Index
Index

小赤佬,阿门!

推荐书目:

  • John Cho & Sarah Suk,《小赤佬》(Troublemaker)
  • Luvvie Ajayi Jones,《职业小赤佬:浇灭恐惧的用户手册》(PROFESSIONAL TROUBLEMAKER: The Fear-Fighter Manual)

在ALA 2022年会上,Troublemaker变成了一个意象极其美好的单词。想来想去,只有上海话里的小赤佬称得上是半斤八两的翻译,因为小赤佬的多层释义中,也有一层正话反说、似恨实爱的意思。

我听了两个小赤佬的故事。

一个是好莱坞著名演员以及新晋纽约时报畅销书作家John Cho, 他最近写了一本给青少年(准确地说,是中学生)的书,书名是《小赤佬》(Troublemaker)。这本书成书于疫情期间,正是美国对亚裔仇恨急速增长的时期。John在书的作者序上提及了疫情期间一件发生在他所在街区的亚裔仇恨事件,让他认识到“这时候已经没法心平气和了。”(“it just didn’t seem like a time to be polite anymore.”)他称之为“巨大的觉醒时刻” (A tremendous awakening)。John是韩裔移民,他并不是在美国出生的自然公民。过去他总是被告知这个国家并不完美,但至少在进步,虽然有时候进步速度几乎像蜗牛慢爬。然而这件事改变了他的看法,他第一次看到美国在倒退,并让他联想到1992年的类似事件,即洛杉矶暴动。John开始回顾自己家庭的历史,从父母移民到美国,到自己的生活,到展望下一代的生活,沿着这样一条家族线,他对这个国家的走向感到非常不安。因此,John开始与Sarah Suk联手撰写《小赤佬》,从一个12岁韩裔男孩的角度描写其在洛杉矶暴动期间的经历,试图将过去的岁月照进当下的世界,同时也描写了韩裔移民三代人如何寻找各自的社会身份(identify)。作为一名亚裔,John试图放大自己的声音,并把自己的历史和声音传递给未来一代。

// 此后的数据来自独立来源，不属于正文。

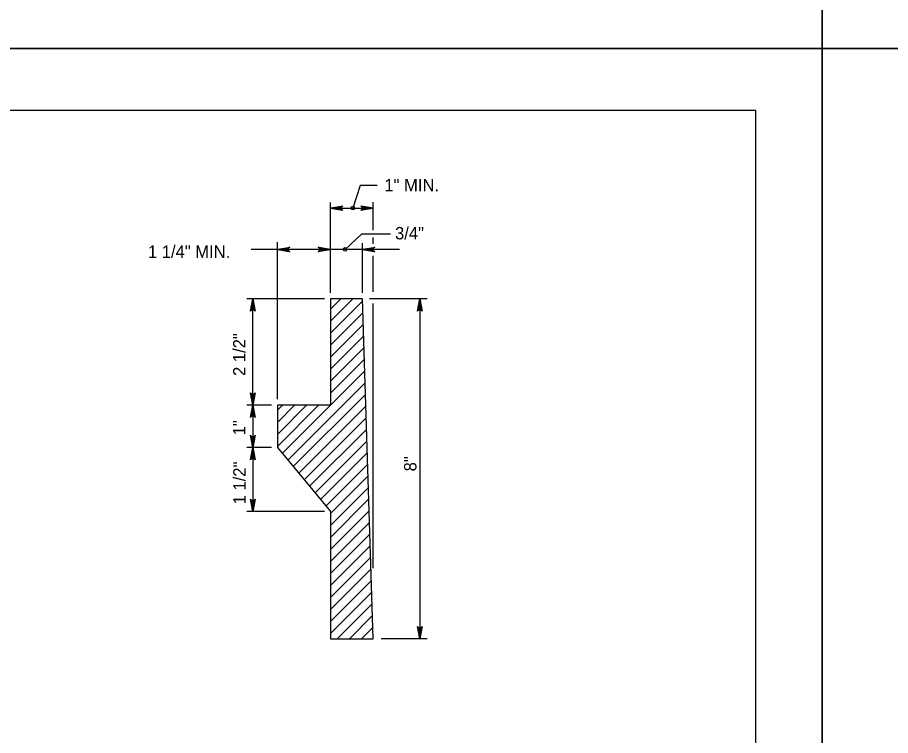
# Model space of a CAD drawing. Extents: x 2087776 to 2104538, y 970919 to 982612.
# Drawn here: x 2095414 to 2096108, y 976220 to 976790 of the extents above; entities that cross this region are included whole.
import ezdxf

# ---------------------------------------------------------------- set-up
doc = ezdxf.new("R2010")
doc.units = 0
doc.layers.add('1', color=7, linetype='Continuous')
doc.layers.add('PLT-BNDY', color=7, linetype='Continuous')

msp = doc.modelspace()

# ---------------------------------------------------------------- linework, layer by layer
at = {"layer": '1'}
for p, q in [((2095662.96, 976571.53), (2095662.96, 976643.33)), ((2095662.96, 976639.01), (2095696.7, 976639.01)), ((2095696.7, 976621.35), (2095696.7, 976643.73)), ((2095620.78, 976487.18), (2095620.78, 976611.93)), ((2095688.26, 976571.53), (2095688.26, 976611.16)), ((2095696.7, 976610.71), (2095696.7, 976615.56)), ((2095620.78, 976606.16), (2095599.91, 976606.16)), ((2095662.96, 976606.16), (2095620.78, 976606.16)), ((2095717.74, 976606.16), (2095662.96, 976606.16)), ((2095696.7, 976572.49), (2095696.7, 976601)), ((2095662.96, 976571.53), (2095662.96, 976588.67)), ((2095658.23, 976566.81), (2095596.51, 976566.81)), ((2095601.24, 976482.45), (2095601.24, 976566.81)), ((2095739.59, 976566.81), (2095693.83, 976566.81)), ((2095696.7, 976353.01), (2095696.7, 976563.07)), ((2095733.93, 976566.81), (2095733.93, 976296.86)), ((2095616.05, 976482.45), (2095596.51, 976482.45)), ((2095601.24, 976482.45), (2095601.24, 976448.71)), ((2095616.05, 976448.71), (2095596.51, 976448.71)), ((2095601.24, 976448.71), (2095601.24, 976398.09)), ((2095658.23, 976398.09), (2095596.51, 976398.09)), ((2095739.59, 976296.86), (2095703.04, 976296.86))]:
    msp.add_line(p, q, dxfattribs=at)
for points in [[(2096000.74, 974866.19), (2096000.74, 976716.58), (2093422, 976716.58), (2093422, 974866.19), (2096000.74, 974866.19), (2096000.74, 974952.67), (2095344.57, 974952.67), (2095344.57, 975164.86), (2096000.74, 975164.86), (2096000.74, 975259.89), (2095344.57, 975259.89), (2095344.57, 974866.19), (2095603.11, 974866.19), (2095603.11, 974952.67), (2095603.11, 974866.19), (2095855.73, 974866.19), (2095855.73, 974952.67), (2095855.73, 974912.26), (2096000.74, 974912.26)], [(2095700.02, 976657.04), (2095686.53, 976657.04), (2095680.61, 976639.01)], [(2095662.96, 976639.01), (2095672.74, 976640.84), (2095672.37, 976640.58), (2095671.99, 976640.32), (2095671.79, 976639.99), (2095671.6, 976639.66), (2095671.54, 976639.33), (2095671.49, 976639.01), (2095671.54, 976638.68), (2095671.6, 976638.35), (2095671.79, 976638.02), (2095671.99, 976637.69), (2095672.37, 976637.43), (2095672.74, 976637.17), (2095662.96, 976639.01), (2095672.37, 976637.43), (2095671.99, 976637.69), (2095662.96, 976639.01), (2095671.79, 976638.02), (2095671.6, 976638.35), (2095662.96, 976639.01), (2095671.54, 976638.68), (2095671.49, 976639.01), (2095662.96, 976639.01), (2095671.54, 976639.33), (2095671.6, 976639.66), (2095662.96, 976639.01), (2095671.79, 976639.99), (2095671.99, 976640.32), (2095662.96, 976639.01), (2095672.37, 976640.58)], [(2095696.7, 976639.01), (2095686.91, 976637.17), (2095687.29, 976637.43), (2095687.67, 976637.69), (2095687.86, 976638.02), (2095688.05, 976638.35), (2095688.11, 976638.68), (2095688.17, 976639.01), (2095688.11, 976639.33), (2095688.05, 976639.66), (2095687.86, 976639.99), (2095687.67, 976640.32), (2095687.29, 976640.58), (2095686.91, 976640.84), (2095696.7, 976639.01), (2095687.29, 976640.58), (2095687.67, 976640.32), (2095696.7, 976639.01), (2095687.86, 976639.99), (2095688.05, 976639.66), (2095696.7, 976639.01), (2095688.11, 976639.33), (2095688.17, 976639.01), (2095696.7, 976639.01), (2095688.11, 976638.68), (2095688.05, 976638.35), (2095696.7, 976639.01), (2095687.86, 976638.02), (2095687.67, 976637.69), (2095696.7, 976639.01), (2095687.29, 976637.43)], [(2095710.58, 976618.22), (2095687.47, 976618.22), (2095674.46, 976606.16)], [(2095620.78, 976606.16), (2095630.56, 976607.99), (2095630.19, 976607.73), (2095629.81, 976607.47), (2095629.62, 976607.14), (2095629.42, 976606.81), (2095629.36, 976606.49), (2095629.31, 976606.16), (2095629.36, 976605.83), (2095629.42, 976605.5), (2095629.62, 976605.17), (2095629.81, 976604.85), (2095630.19, 976604.58), (2095630.56, 976604.32), (2095620.78, 976606.16), (2095630.19, 976604.58), (2095629.81, 976604.85), (2095620.78, 976606.16), (2095629.62, 976605.17), (2095629.42, 976605.5), (2095620.78, 976606.16), (2095629.36, 976605.83), (2095629.31, 976606.16), (2095620.78, 976606.16), (2095629.36, 976606.49), (2095629.42, 976606.81), (2095620.78, 976606.16), (2095629.62, 976607.14), (2095629.81, 976607.47), (2095620.78, 976606.16), (2095630.19, 976607.73)], [(2095662.96, 976606.16), (2095653.17, 976604.32), (2095653.55, 976604.58), (2095653.93, 976604.85), (2095654.12, 976605.17), (2095654.31, 976605.5), (2095654.37, 976605.83), (2095654.43, 976606.16), (2095654.37, 976606.49), (2095654.31, 976606.81), (2095654.12, 976607.14), (2095653.93, 976607.47), (2095653.55, 976607.73), (2095653.17, 976607.99), (2095662.96, 976606.16), (2095653.55, 976607.73), (2095653.93, 976607.47), (2095662.96, 976606.16), (2095654.12, 976607.14), (2095654.31, 976606.81), (2095662.96, 976606.16), (2095654.37, 976606.49), (2095654.43, 976606.16), (2095662.96, 976606.16), (2095654.37, 976605.83), (2095654.31, 976605.5), (2095662.96, 976606.16), (2095654.12, 976605.17), (2095653.93, 976604.85), (2095662.96, 976606.16), (2095653.55, 976604.58)], [(2095688.26, 976606.16), (2095698.05, 976607.99), (2095697.67, 976607.73), (2095697.3, 976607.47), (2095697.1, 976607.14), (2095696.91, 976606.81), (2095696.85, 976606.49), (2095696.8, 976606.16), (2095696.85, 976605.83), (2095696.91, 976605.5), (2095697.1, 976605.17), (2095697.3, 976604.85), (2095697.67, 976604.58), (2095698.05, 976604.32), (2095688.26, 976606.16), (2095697.67, 976604.58), (2095697.3, 976604.85), (2095688.26, 976606.16), (2095697.1, 976605.17), (2095696.91, 976605.5), (2095688.26, 976606.16), (2095696.85, 976605.83), (2095696.8, 976606.16), (2095688.26, 976606.16), (2095696.85, 976606.49), (2095696.91, 976606.81), (2095688.26, 976606.16), (2095697.1, 976607.14), (2095697.3, 976607.47), (2095688.26, 976606.16), (2095697.67, 976607.73)], [(2095601.24, 976566.81), (2095603.07, 976557.02), (2095602.81, 976557.4), (2095602.55, 976557.78), (2095602.22, 976557.97), (2095601.89, 976558.17), (2095601.57, 976558.22), (2095601.24, 976558.28), (2095600.91, 976558.22), (2095600.58, 976558.17), (2095600.25, 976557.97), (2095599.93, 976557.78), (2095599.66, 976557.4), (2095599.4, 976557.02), (2095601.24, 976566.81), (2095599.66, 976557.4), (2095599.93, 976557.78), (2095601.24, 976566.81), (2095600.25, 976557.97), (2095600.58, 976558.17), (2095601.24, 976566.81), (2095600.91, 976558.22), (2095601.24, 976558.28), (2095601.24, 976566.81), (2095601.57, 976558.22), (2095601.89, 976558.17), (2095601.24, 976566.81), (2095602.22, 976557.97), (2095602.55, 976557.78), (2095601.24, 976566.81), (2095602.81, 976557.4)], [(2095662.96, 976549.14), (2095680.62, 976566.81)], [(2095662.96, 976558.69), (2095671.08, 976566.81)], [(2095662.96, 976539.6), (2095688.32, 976564.97)], [(2095733.93, 976566.81), (2095735.76, 976557.02), (2095735.5, 976557.4), (2095735.24, 976557.78), (2095734.91, 976557.97), (2095734.58, 976558.17), (2095734.25, 976558.22), (2095733.93, 976558.28), (2095733.6, 976558.22), (2095733.27, 976558.17), (2095732.94, 976557.97), (2095732.61, 976557.78), (2095732.35, 976557.4), (2095732.09, 976557.02), (2095733.93, 976566.81), (2095732.35, 976557.4), (2095732.61, 976557.78), (2095733.93, 976566.81), (2095732.94, 976557.97), (2095733.27, 976558.17), (2095733.93, 976566.81), (2095733.6, 976558.22), (2095733.93, 976558.28), (2095733.93, 976566.81), (2095734.25, 976558.22), (2095734.58, 976558.17), (2095733.93, 976566.81), (2095734.91, 976557.97), (2095735.24, 976557.78), (2095733.93, 976566.81), (2095735.5, 976557.4)], [(2095662.96, 976530.05), (2095688.61, 976555.71)], [(2095662.96, 976520.51), (2095688.9, 976546.46)], [(2095662.96, 976510.96), (2095689.19, 976537.2)], [(2095662.96, 976501.42), (2095689.48, 976527.94)], [(2095662.96, 976491.88), (2095689.77, 976518.69)], [(2095624.66, 976444.04), (2095690.06, 976509.43)], [(2095629.01, 976438.84), (2095690.34, 976500.18)], [(2095601.24, 976482.45), (2095599.4, 976492.24), (2095599.66, 976491.86), (2095599.93, 976491.48), (2095600.25, 976491.29), (2095600.58, 976491.1), (2095600.91, 976491.04), (2095601.24, 976490.98), (2095601.57, 976491.04), (2095601.89, 976491.1), (2095602.22, 976491.29), (2095602.55, 976491.48), (2095602.81, 976491.86), (2095603.07, 976492.24), (2095601.24, 976482.45), (2095602.81, 976491.86), (2095602.55, 976491.48), (2095601.24, 976482.45), (2095602.22, 976491.29), (2095601.89, 976491.1), (2095601.24, 976482.45), (2095601.57, 976491.04), (2095601.24, 976490.98), (2095601.24, 976482.45), (2095600.91, 976491.04), (2095600.58, 976491.1), (2095601.24, 976482.45), (2095600.25, 976491.29), (2095599.93, 976491.48), (2095601.24, 976482.45), (2095599.66, 976491.86)], [(2095633.34, 976433.63), (2095690.64, 976490.92)], [(2095601.24, 976482.45), (2095603.07, 976472.67), (2095602.81, 976473.04), (2095602.55, 976473.42), (2095602.22, 976473.62), (2095601.89, 976473.81), (2095601.57, 976473.87), (2095601.24, 976473.92), (2095600.91, 976473.87), (2095600.58, 976473.81), (2095600.25, 976473.62), (2095599.93, 976473.42), (2095599.66, 976473.04), (2095599.4, 976472.67), (2095601.24, 976482.45), (2095599.66, 976473.04), (2095599.93, 976473.42), (2095601.24, 976482.45), (2095600.25, 976473.62), (2095600.58, 976473.81), (2095601.24, 976482.45), (2095600.91, 976473.87), (2095601.24, 976473.92), (2095601.24, 976482.45), (2095601.57, 976473.87), (2095601.89, 976473.81), (2095601.24, 976482.45), (2095602.22, 976473.62), (2095602.55, 976473.42), (2095601.24, 976482.45), (2095602.81, 976473.04)], [(2095620.78, 976449.7), (2095653.53, 976482.45)], [(2095620.78, 976459.24), (2095643.99, 976482.45)], [(2095620.78, 976468.78), (2095634.44, 976482.45)], [(2095620.78, 976478.33), (2095624.9, 976482.45)], [(2095637.68, 976428.42), (2095690.92, 976481.67)], [(2095642.02, 976423.22), (2095691.22, 976472.41)], [(2095601.24, 976448.71), (2095599.4, 976458.49), (2095599.66, 976458.11), (2095599.93, 976457.74), (2095600.25, 976457.54), (2095600.58, 976457.35), (2095600.91, 976457.29), (2095601.24, 976457.24), (2095601.57, 976457.29), (2095601.89, 976457.35), (2095602.22, 976457.54), (2095602.55, 976457.74), (2095602.81, 976458.11), (2095603.07, 976458.49), (2095601.24, 976448.71), (2095602.81, 976458.11), (2095602.55, 976457.74), (2095601.24, 976448.71), (2095602.22, 976457.54), (2095601.89, 976457.35), (2095601.24, 976448.71), (2095601.57, 976457.29), (2095601.24, 976457.24), (2095601.24, 976448.71), (2095600.91, 976457.29), (2095600.58, 976457.35), (2095601.24, 976448.71), (2095600.25, 976457.54), (2095599.93, 976457.74), (2095601.24, 976448.71), (2095599.66, 976458.11)], [(2095646.36, 976418.01), (2095691.51, 976463.16)], [(2095650.69, 976412.8), (2095691.79, 976453.9)], [(2095601.24, 976448.71), (2095603.07, 976438.92), (2095602.81, 976439.3), (2095602.55, 976439.67), (2095602.22, 976439.87), (2095601.89, 976440.06), (2095601.57, 976440.12), (2095601.24, 976440.18), (2095600.91, 976440.12), (2095600.58, 976440.06), (2095600.25, 976439.87), (2095599.93, 976439.67), (2095599.66, 976439.3), (2095599.4, 976438.92), (2095601.24, 976448.71), (2095599.66, 976439.3), (2095599.93, 976439.67), (2095601.24, 976448.71), (2095600.25, 976439.87), (2095600.58, 976440.06), (2095601.24, 976448.71), (2095600.91, 976440.12), (2095601.24, 976440.18), (2095601.24, 976448.71), (2095601.57, 976440.12), (2095601.89, 976440.06), (2095601.24, 976448.71), (2095602.22, 976439.87), (2095602.55, 976439.67), (2095601.24, 976448.71), (2095602.81, 976439.3)], [(2095655.03, 976407.6), (2095692.08, 976444.65)], [(2095659.37, 976402.39), (2095692.37, 976435.39)], [(2095662.96, 976396.44), (2095692.66, 976426.13)], [(2095662.96, 976386.89), (2095692.95, 976416.88)], [(2095601.24, 976398.09), (2095599.4, 976407.87), (2095599.66, 976407.5), (2095599.93, 976407.12), (2095600.25, 976406.93), (2095600.58, 976406.73), (2095600.91, 976406.68), (2095601.24, 976406.62), (2095601.57, 976406.68), (2095601.89, 976406.73), (2095602.22, 976406.93), (2095602.55, 976407.12), (2095602.81, 976407.5), (2095603.07, 976407.87), (2095601.24, 976398.09), (2095602.81, 976407.5), (2095602.55, 976407.12), (2095601.24, 976398.09), (2095602.22, 976406.93), (2095601.89, 976406.73), (2095601.24, 976398.09), (2095601.57, 976406.68), (2095601.24, 976406.62), (2095601.24, 976398.09), (2095600.91, 976406.68), (2095600.58, 976406.73), (2095601.24, 976398.09), (2095600.25, 976406.93), (2095599.93, 976407.12), (2095601.24, 976398.09), (2095599.66, 976407.5)], [(2095662.96, 976377.35), (2095693.24, 976407.63)], [(2095662.96, 976367.8), (2095693.53, 976398.37)], [(2095662.96, 976358.25), (2095693.82, 976389.12)], [(2095662.96, 976348.71), (2095694.1, 976379.86)], [(2095662.96, 976339.17), (2095694.39, 976370.61)], [(2095662.96, 976329.62), (2095694.69, 976361.35)], [(2095662.96, 976320.08), (2095694.97, 976352.1)], [(2095662.96, 976310.54), (2095695.27, 976342.85)], [(2095662.96, 976300.99), (2095695.55, 976333.59)], [(2095668.36, 976296.86), (2095695.84, 976324.34)], [(2095677.91, 976296.86), (2095696.13, 976315.08)], [(2095687.45, 976296.86), (2095696.42, 976305.82)], [(2095733.93, 976296.86), (2095732.09, 976306.64), (2095732.35, 976306.26), (2095732.61, 976305.89), (2095732.94, 976305.69), (2095733.27, 976305.5), (2095733.6, 976305.44), (2095733.93, 976305.39), (2095734.25, 976305.44), (2095734.58, 976305.5), (2095734.91, 976305.69), (2095735.24, 976305.89), (2095735.5, 976306.26), (2095735.76, 976306.64), (2095733.93, 976296.86), (2095735.5, 976306.26), (2095735.24, 976305.89), (2095733.93, 976296.86), (2095734.91, 976305.69), (2095734.58, 976305.5), (2095733.93, 976296.86), (2095734.25, 976305.44), (2095733.93, 976305.39), (2095733.93, 976296.86), (2095733.6, 976305.44), (2095733.27, 976305.5), (2095733.93, 976296.86), (2095732.94, 976305.69), (2095732.61, 976305.89), (2095733.93, 976296.86), (2095732.35, 976306.26)]]:
    msp.add_lwpolyline(points, dxfattribs=at)
msp.add_lwpolyline([(2095688.26, 976566.81), (2095662.96, 976566.81), (2095662.96, 976482.45), (2095620.78, 976482.45), (2095620.78, 976448.71), (2095662.96, 976398.09), (2095662.96, 976296.86), (2095696.7, 976296.86)], close=True, dxfattribs=at)
for centre in [(2095680.61, 976639.01), (2095674.46, 976606.16)]:
    msp.add_circle(centre, 1.46, dxfattribs=at)
at = {"layer": 'PLT-BNDY'}
for points in [[(2093294.05, 978714.61), (2096053.23, 978714.61), (2096053.23, 976765.79), (2093294.05, 976765.79)], [(2096053.23, 978714.61), (2098812.42, 978714.61), (2098812.42, 976765.79), (2096053.23, 976765.79)], [(2093294.05, 976765.79), (2096053.23, 976765.79), (2096053.23, 974816.97), (2093294.05, 974816.97)], [(2096053.23, 976765.79), (2098812.42, 976765.79), (2098812.42, 974816.97), (2096053.23, 974816.97)]]:
    msp.add_lwpolyline(points, close=True, dxfattribs=at)

# ---------------------------------------------------------------- texts
at = {"layer": '1'}
for s, height, p in [('1" MIN.', 9.843, (2095705.71, 976652.26)), ('3/4"', 9.843, (2095714.19, 976614.12)), ('1 1/4" MIN.', 9.8425, (2095517.96, 976599.43))]:
    msp.add_text(s, height=height, dxfattribs=at).set_placement(p)
for s, p in [('2 1/2"', (2095595.42, 976505.64)), ('1"', (2095595.3, 976458.45)), ('8"', (2095731.2, 976429.82)), ('1 1/2"', (2095595.54, 976403.64))]:
    msp.add_text(s, height=9.843, rotation=90, dxfattribs=at).set_placement(p)

doc.saveas('drawing.dxf')

另一个是尼日利亚作家、演说家、播客Luvvie Ajayi Jones。她最近也写了一本书,在纽约时报最佳畅销书榜上排名第三,书名是《职业小赤佬:浇灭恐惧的用户手册》(PROFESSIONAL TROUBLEMAKER: The Fear-Fighter Manual)。Luvvie的目标受众也是青少年。我不算是其目标受众,一般也很少看畅销书。但是听完她的讲座,我当即找来了她的书。没有人在我17岁的时候告诉过我,这个世界需要我的声音。这算是迟到的启蒙。而且,我非常喜欢——几乎是嫉妒——Luvvie整个人的状态。她是一个典型的、充满自信的、随时积蓄满了爆发力的黑人女性。这些年,我突然从另一个族裔身上,看到了女性应该有的样子。亚裔女性往往被贴满了甜美、可爱、天真、柔顺这样被糖化、被物化的标签,而更加不堪的是,我们居然往往为这种流于表面的物化沾沾自喜,并竟至于奋不顾身地投身罗网,将追求这样的物化作为终身目标。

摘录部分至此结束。